つらい過去から、急激に現実へ引き戻される。
(・・・わたしには、お母さんがたくさんいるのね)
無意識に譲葉の羽衣を、きつく腕に抱きしめた。

咲紀のものだとばかり思っていたそれが、まさか祖母の形見だったとは。

(おばあさま)
大蛇から護ってくれた祖母の笑顔を思い起こす。

――わたしは勘違いをしていた。

やましい気持ちで、祖母に嫉妬の目を向けていた。
(ごめんなさい。ほんとうに、ごめんなさい)
新たな涙がこみ上げてくる。


夢夜を案じながら、獏は外を見やる。
「ともかく、雨はやまねば、想像もつかない大惨事になるぞ」
仙人はうなずいた。
「水神が悪神になって死んだ。村人の骸と悪神の邪気が混ざり合い、この洞穴中に集まって、雨となって降り注いでいるんだろうな」
「手立てはないのか」
獏と火喰は思案した。
倭国は高天原が収めている。天界の出る幕はない。
ふと。火喰はぽんと手を叩いた。
「夢夜ちゃんの舞はどうだ? 天女の舞には、五穀豊穣の力がある。雨はやむかもしれねえ」
獏は即座に首をふった。
「だめだ。夢夜は怪我をしている。この体では無理だ」
「・・・いいえ。やってみます、わたし」
突然、それまで無言だった夢夜が割って入った。
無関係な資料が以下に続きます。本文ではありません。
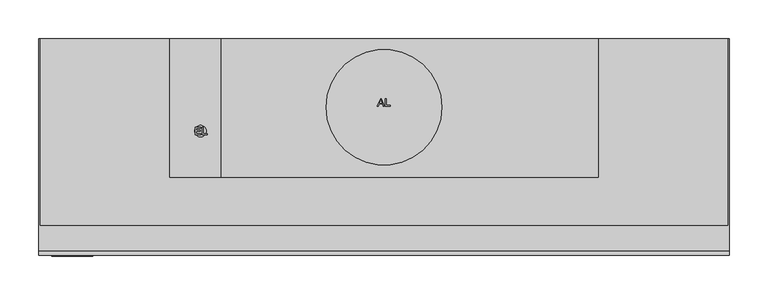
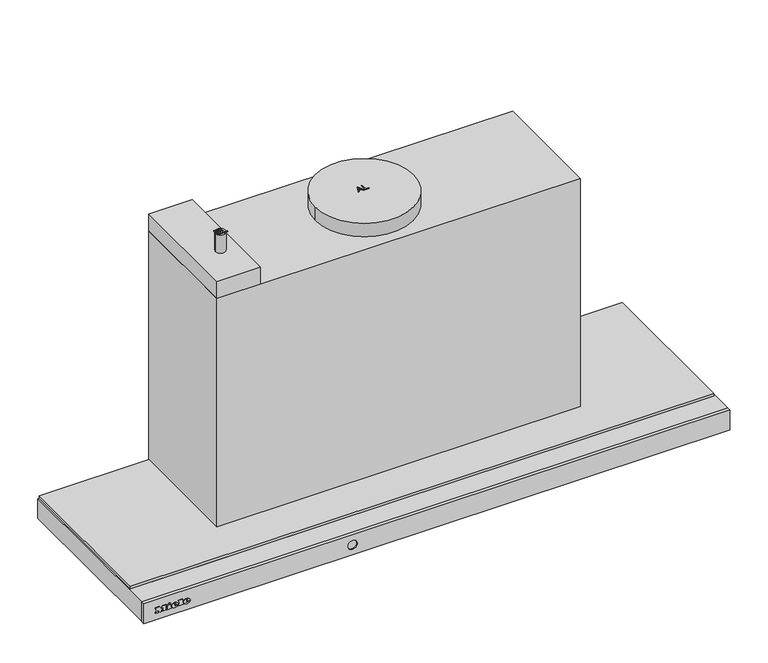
"""IFC4 building model written with IfcOpenShell, lengths in millimetres: proxy geometry, 12025120_NER_DAS4930_OBSW : 28S4930B_NER_12025120_DAS4930_OBSW."""

from ifc_helpers import new_model, si_unit, point, frame, frame_2d, origin, origin_with_axes, place, context, project, spatial, polyline, circle_curve, ellipse_curve, trimmed, segment, composite_curve, outline, extrude, faceted_brep, source, transform, mapped, element, save
from ifc_brep_helpers import plane_surface, cylinder_surface, revolved_surface, extruded_surface, advanced_brep


def specialty_equipment_2f2f18a0(model_context):
    return source(origin(), model_context, "Body", "SolidModel", [
        advanced_brep(
        [(-383.4590019, -282.1878927, -18.7681017), (-383.4590019, -282.1878927, -17.8894017), (-377.6387019, -282.1878927, -17.8894017), (-387.7655019, -282.1878927, -17.8894017), (-385.3730019, -282.1878927, -20.8300017), (-377.7866019, -282.1878927, -18.7681017), (-380.4140019, -282.1878927, -18.7681017), (-382.4846019, -282.1878927, -19.7425017), (-383.4590019, -282.1878927, -16.7758017), (-383.4590019, -282.1878927, -15.8275017), (-381.9713019, -282.1878927, -15.8275017), (-381.9713019, -282.1878927, -16.7758017), (-383.4590019, -281.1878927, -18.7681017), (-382.4846019, -281.1878927, -19.7425017), (-380.4140019, -281.1878927, -18.7681017), (-377.7866019, -281.1878927, -18.7681017), (-385.3730019, -281.1878927, -20.8300017), (-387.7655019, -281.1878927, -17.8894017), (-377.6387019, -281.1878927, -17.8894017), (-383.4590019, -281.1878927, -17.8894017), (-383.4590019, -281.1878927, -16.7758017), (-381.9713019, -281.1878927, -16.7758017), (-381.9713019, -281.1878927, -15.8275017), (-383.4590019, -281.1878927, -15.8275017)],
        [
            (0, 1),
            (1, 2),
            (2, 3, ellipse_curve(frame((-382.7021019, -282.1878927, -17.8894017), z_axis=(0.0, -1.0, 0.0), x_axis=(-1.0, 0.0, 0.0)), 5.0634, 4.1847)),
            (3, 4, circle_curve(frame((-384.3985544, -282.1878927, -17.5936017), z_axis=(0.0, -1.0, 0.0), x_axis=(0.0, 0.0, -1.0)), 3.3799161)),
            (4, 5, circle_curve(frame((-382.8034638, -282.1878927, -15.2968017), z_axis=(0.0, -1.0, 0.0), x_axis=(0.0, 0.0, -1.0)), 6.1007236)),
            (5, 6),
            (6, 7, circle_curve(frame((-382.0593254, -282.1878927, -17.9590017), z_axis=(0.0, 1.0, 0.0), x_axis=(0.0, 0.0, -1.0)), 1.8335027)),
            (7, 0, circle_curve(frame((-382.4846019, -282.1878927, -18.7681017), z_axis=(0.0, 1.0, 0.0), x_axis=(0.0, 0.0, -1.0)), 0.9744)),
            (8, 9),
            (9, 10, circle_curve(frame((-382.7151519, -282.1878927, -15.8275017), z_axis=(0.0, 1.0, 0.0), x_axis=(0.0, 0.0, -1.0)), 0.74385)),
            (10, 11),
            (11, 8),
            (12, 13, circle_curve(frame((-382.4846019, -281.1878927, -18.7681017), z_axis=(0.0, -1.0, 0.0), x_axis=(0.0, 0.0, -1.0)), 0.9744)),
            (13, 14, circle_curve(frame((-382.0593254, -281.1878927, -17.9590017), z_axis=(0.0, -1.0, 0.0), x_axis=(0.0, 0.0, -1.0)), 1.8335027)),
            (14, 15),
            (15, 16, circle_curve(frame((-382.8034638, -281.1878927, -15.2968017), z_axis=(0.0, 1.0, 0.0), x_axis=(0.0, 0.0, -1.0)), 6.1007236)),
            (16, 17, circle_curve(frame((-384.3985544, -281.1878927, -17.5936017), z_axis=(0.0, 1.0, 0.0), x_axis=(0.0, 0.0, -1.0)), 3.3799161)),
            (17, 18, ellipse_curve(frame((-382.7021019, -281.1878927, -17.8894017), z_axis=(0.0, 1.0, 0.0), x_axis=(-1.0, 0.0, 0.0)), 5.0634, 4.1847)),
            (18, 19),
            (19, 12),
            (20, 21),
            (21, 22),
            (22, 23, circle_curve(frame((-382.7151519, -281.1878927, -15.8275017), z_axis=(0.0, -1.0, 0.0), x_axis=(0.0, 0.0, -1.0)), 0.74385)),
            (23, 20),
            (0, 12),
            (19, 1),
            (18, 2),
            (5, 15),
            (14, 6),
            (17, 3),
            (13, 7),
            (16, 4),
            (8, 20),
            (23, 9),
            (22, 10),
            (21, 11),
        ],
        [
            plane_surface(frame((-383.4590019, -282.1878927, -17.8894017), z_axis=(0.0, -1.0, 0.0), x_axis=(0.0, 0.0, 1.0))),
            plane_surface(frame((-383.4590019, -281.1878927, -17.8894017), z_axis=(0.0, 1.0, 0.0), x_axis=(0.0, 0.0, -1.0))),
            plane_surface(frame((-383.4590019, -282.1878927, -18.7681017), z_axis=(1.0, 0.0, 0.0), x_axis=(0.0, 1.0, 0.0))),
            plane_surface(frame((-383.4590019, -282.1878927, -17.8894017), z_axis=(0.0, 0.0, -1.0), x_axis=(0.0, 1.0, 0.0))),
            plane_surface(frame((-377.7866019, -282.1878927, -18.7681017), z_axis=(0.0, 0.0, 1.0), x_axis=(0.0, 1.0, 0.0))),
            extruded_surface(trimmed(ellipse_curve(frame((-382.7021019, -280.1878927, -17.8894017), z_axis=(0.0, -1.0, 0.0), x_axis=(-1.0, 0.0, 0.0)), 5.0634, 4.1847), [point((-377.6387019, -280.1878927, -17.8894017))], [point((-387.7655019, -280.1878927, -17.8894017))], True, "CARTESIAN"), (0.0, -1.0, 0.0), 1.0),
            revolved_surface(polyline([(-382.0593254, -281.1878927, -19.792504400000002), (-382.0593254, -282.1878927, -19.792504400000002)]), (-382.0593254, -281.1878927, -17.9590017), (0.0, 1.0, 0.0)),
            revolved_surface(polyline([(-382.4846019, -281.1878927, -19.7425017), (-382.4846019, -282.1878927, -19.7425017)]), (-382.4846019, -281.1878927, -18.7681017), (0.0, 1.0, 0.0)),
            cylinder_surface(frame((-384.3985544, -281.1878927, -17.5936017), z_axis=(0.0, -1.0, 0.0), x_axis=(0.0, 0.0, -1.0)), 3.3799161),
            cylinder_surface(frame((-382.8034638, -281.1878927, -15.2968017), z_axis=(0.0, -1.0, 0.0), x_axis=(0.0, 0.0, -1.0)), 6.1007236),
            plane_surface(frame((-383.4590019, -282.1878927, -16.7758017), z_axis=(1.0, 0.0, 0.0), x_axis=(0.0, 1.0, 0.0))),
            revolved_surface(polyline([(-382.7151519, -281.1878927, -16.571351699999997), (-382.7151519, -282.1878927, -16.571351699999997)]), (-382.7151519, -281.1878927, -15.8275017), (0.0, 1.0, 0.0)),
            plane_surface(frame((-381.9713019, -282.1878927, -15.8275017), z_axis=(-1.0, 0.0, 0.0), x_axis=(0.0, 1.0, 0.0))),
            plane_surface(frame((-381.9713019, -282.1878927, -16.7758017), z_axis=(0.0, 0.0, 1.0), x_axis=(0.0, 1.0, 0.0))),
        ],
        [
            (0, [[1, 2, 3, 4, 5, 6, 7, 8], [9, 10, 11, 12]]),
            (1, [[13, 14, 15, 16, 17, 18, 19, 20], [21, 22, 23, 24]]),
            (2, [[-1, 25, -20, 26]]),
            (3, [[-2, -26, -19, 27]]),
            (4, [[-6, 28, -15, 29]]),
            (5, [[-3, -27, -18, 30]]),
            (6, [[-7, -29, -14, 31]]),
            (7, [[-8, -31, -13, -25]]),
            (8, [[-4, -30, -17, 32]]),
            (9, [[-5, -32, -16, -28]]),
            (10, [[-9, 33, -24, 34]]),
            (11, [[-10, -34, -23, 35]]),
            (12, [[-11, -35, -22, 36]]),
            (13, [[-12, -36, -21, -33]]),
        ],
    ),
        advanced_brep(
        [(-401.6159019, -282.1878927, -18.7681017), (-401.6159019, -282.1878927, -17.8894017), (-395.7956019, -282.1878927, -17.8894017), (-405.9224019, -282.1878927, -17.8894017), (-403.5299019, -282.1878927, -20.8300017), (-395.9435019, -282.1878927, -18.7681017), (-398.5709019, -282.1878927, -18.7681017), (-400.6415019, -282.1878927, -19.7425017), (-401.6159019, -282.1878927, -16.7758017), (-401.6159019, -282.1878927, -15.8275017), (-400.1282019, -282.1878927, -15.8275017), (-400.1282019, -282.1878927, -16.7758017), (-401.6159019, -281.1878927, -18.7681017), (-400.6415019, -281.1878927, -19.7425017), (-398.5709019, -281.1878927, -18.7681017), (-395.9435019, -281.1878927, -18.7681017), (-403.5299019, -281.1878927, -20.8300017), (-405.9224019, -281.1878927, -17.8894017), (-395.7956019, -281.1878927, -17.8894017), (-401.6159019, -281.1878927, -17.8894017), (-401.6159019, -281.1878927, -16.7758017), (-400.1282019, -281.1878927, -16.7758017), (-400.1282019, -281.1878927, -15.8275017), (-401.6159019, -281.1878927, -15.8275017)],
        [
            (0, 1),
            (1, 2),
            (2, 3, ellipse_curve(frame((-400.8590019, -282.1878927, -17.8894017), z_axis=(0.0, -1.0, 0.0), x_axis=(-1.0, 0.0, 0.0)), 5.0634, 4.1847)),
            (3, 4, circle_curve(frame((-402.5554544, -282.1878927, -17.5936017), z_axis=(0.0, -1.0, 0.0), x_axis=(0.0, 0.0, -1.0)), 3.3799161)),
            (4, 5, circle_curve(frame((-400.9603638, -282.1878927, -15.2968017), z_axis=(0.0, -1.0, 0.0), x_axis=(0.0, 0.0, -1.0)), 6.1007236)),
            (5, 6),
            (6, 7, circle_curve(frame((-400.2162254, -282.1878927, -17.9590017), z_axis=(0.0, 1.0, 0.0), x_axis=(0.0, 0.0, -1.0)), 1.8335027)),
            (7, 0, circle_curve(frame((-400.6415019, -282.1878927, -18.7681017), z_axis=(0.0, 1.0, 0.0), x_axis=(0.0, 0.0, -1.0)), 0.9744)),
            (8, 9),
            (9, 10, circle_curve(frame((-400.8720519, -282.1878927, -15.8275017), z_axis=(0.0, 1.0, 0.0), x_axis=(0.0, 0.0, -1.0)), 0.74385)),
            (10, 11),
            (11, 8),
            (12, 13, circle_curve(frame((-400.6415019, -281.1878927, -18.7681017), z_axis=(0.0, -1.0, 0.0), x_axis=(0.0, 0.0, -1.0)), 0.9744)),
            (13, 14, circle_curve(frame((-400.2162254, -281.1878927, -17.9590017), z_axis=(0.0, -1.0, 0.0), x_axis=(0.0, 0.0, -1.0)), 1.8335027)),
            (14, 15),
            (15, 16, circle_curve(frame((-400.9603638, -281.1878927, -15.2968017), z_axis=(0.0, 1.0, 0.0), x_axis=(0.0, 0.0, -1.0)), 6.1007236)),
            (16, 17, circle_curve(frame((-402.5554544, -281.1878927, -17.5936017), z_axis=(0.0, 1.0, 0.0), x_axis=(0.0, 0.0, -1.0)), 3.3799161)),
            (17, 18, ellipse_curve(frame((-400.8590019, -281.1878927, -17.8894017), z_axis=(0.0, 1.0, 0.0), x_axis=(-1.0, 0.0, 0.0)), 5.0634, 4.1847)),
            (18, 19),
            (19, 12),
            (20, 21),
            (21, 22),
            (22, 23, circle_curve(frame((-400.8720519, -281.1878927, -15.8275017), z_axis=(0.0, -1.0, 0.0), x_axis=(0.0, 0.0, -1.0)), 0.74385)),
            (23, 20),
            (0, 12),
            (19, 1),
            (18, 2),
            (5, 15),
            (14, 6),
            (17, 3),
            (13, 7),
            (16, 4),
            (8, 20),
            (23, 9),
            (22, 10),
            (21, 11),
        ],
        [
            plane_surface(frame((-401.6159019, -282.1878927, -17.8894017), z_axis=(0.0, -1.0, 0.0), x_axis=(0.0, 0.0, 1.0))),
            plane_surface(frame((-401.6159019, -281.1878927, -17.8894017), z_axis=(0.0, 1.0, 0.0), x_axis=(0.0, 0.0, -1.0))),
            plane_surface(frame((-401.6159019, -282.1878927, -18.7681017), z_axis=(1.0, 0.0, 0.0), x_axis=(0.0, 1.0, 0.0))),
            plane_surface(frame((-401.6159019, -282.1878927, -17.8894017), z_axis=(0.0, 0.0, -1.0), x_axis=(0.0, 1.0, 0.0))),
            plane_surface(frame((-395.9435019, -282.1878927, -18.7681017), z_axis=(0.0, 0.0, 1.0), x_axis=(0.0, 1.0, 0.0))),
            extruded_surface(trimmed(ellipse_curve(frame((-400.8590019, -280.1878927, -17.8894017), z_axis=(0.0, -1.0, 0.0), x_axis=(-1.0, 0.0, 0.0)), 5.0634, 4.1847), [point((-395.7956019, -280.1878927, -17.8894017))], [point((-405.9224019, -280.1878927, -17.8894017))], True, "CARTESIAN"), (0.0, -1.0, 0.0), 1.0),
            revolved_surface(polyline([(-400.2162254, -281.1878927, -19.792504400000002), (-400.2162254, -282.1878927, -19.792504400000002)]), (-400.2162254, -281.1878927, -17.9590017), (0.0, 1.0, 0.0)),
            revolved_surface(polyline([(-400.6415019, -281.1878927, -19.7425017), (-400.6415019, -282.1878927, -19.7425017)]), (-400.6415019, -281.1878927, -18.7681017), (0.0, 1.0, 0.0)),
            cylinder_surface(frame((-402.5554544, -281.1878927, -17.5936017), z_axis=(0.0, -1.0, 0.0), x_axis=(0.0, 0.0, -1.0)), 3.3799161),
            cylinder_surface(frame((-400.9603638, -281.1878927, -15.2968017), z_axis=(0.0, -1.0, 0.0), x_axis=(0.0, 0.0, -1.0)), 6.1007236),
            plane_surface(frame((-401.6159019, -282.1878927, -16.7758017), z_axis=(1.0, 0.0, 0.0), x_axis=(0.0, 1.0, 0.0))),
            revolved_surface(polyline([(-400.8720519, -281.1878927, -16.571351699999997), (-400.8720519, -282.1878927, -16.571351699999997)]), (-400.8720519, -281.1878927, -15.8275017), (0.0, 1.0, 0.0)),
            plane_surface(frame((-400.1282019, -282.1878927, -15.8275017), z_axis=(-1.0, 0.0, 0.0), x_axis=(0.0, 1.0, 0.0))),
            plane_surface(frame((-400.1282019, -282.1878927, -16.7758017), z_axis=(0.0, 0.0, 1.0), x_axis=(0.0, 1.0, 0.0))),
        ],
        [
            (0, [[1, 2, 3, 4, 5, 6, 7, 8], [9, 10, 11, 12]]),
            (1, [[13, 14, 15, 16, 17, 18, 19, 20], [21, 22, 23, 24]]),
            (2, [[-1, 25, -20, 26]]),
            (3, [[-2, -26, -19, 27]]),
            (4, [[-6, 28, -15, 29]]),
            (5, [[-3, -27, -18, 30]]),
            (6, [[-7, -29, -14, 31]]),
            (7, [[-8, -31, -13, -25]]),
            (8, [[-4, -30, -17, 32]]),
            (9, [[-5, -32, -16, -28]]),
            (10, [[-9, 33, -24, 34]]),
            (11, [[-10, -34, -23, 35]]),
            (12, [[-11, -35, -22, 36]]),
            (13, [[-12, -36, -21, -33]]),
        ],
    ),
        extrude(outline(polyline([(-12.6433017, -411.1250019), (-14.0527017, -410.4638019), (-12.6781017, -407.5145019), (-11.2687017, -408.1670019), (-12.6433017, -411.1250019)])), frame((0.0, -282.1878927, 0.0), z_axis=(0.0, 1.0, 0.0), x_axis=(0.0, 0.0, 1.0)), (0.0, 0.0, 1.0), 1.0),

獏は目をむく。
「無茶を言うな。腕が折れているのだぞ。それに!」
「これで、この村へ訪れるのも最後になりましょう。だったら、この山々に、私のこれまでの生かされた感謝をささげ、区切りをつけたいのです」
夢夜はきっぱりと言った。

村人に苦しめられていても、生き残ってこられたのはこの自然のおかげ。
食料も、寝床も与えてくれたこの山々に、恩がある。

夢夜はにこりと笑った。
祖母の羽衣を抱きしめる。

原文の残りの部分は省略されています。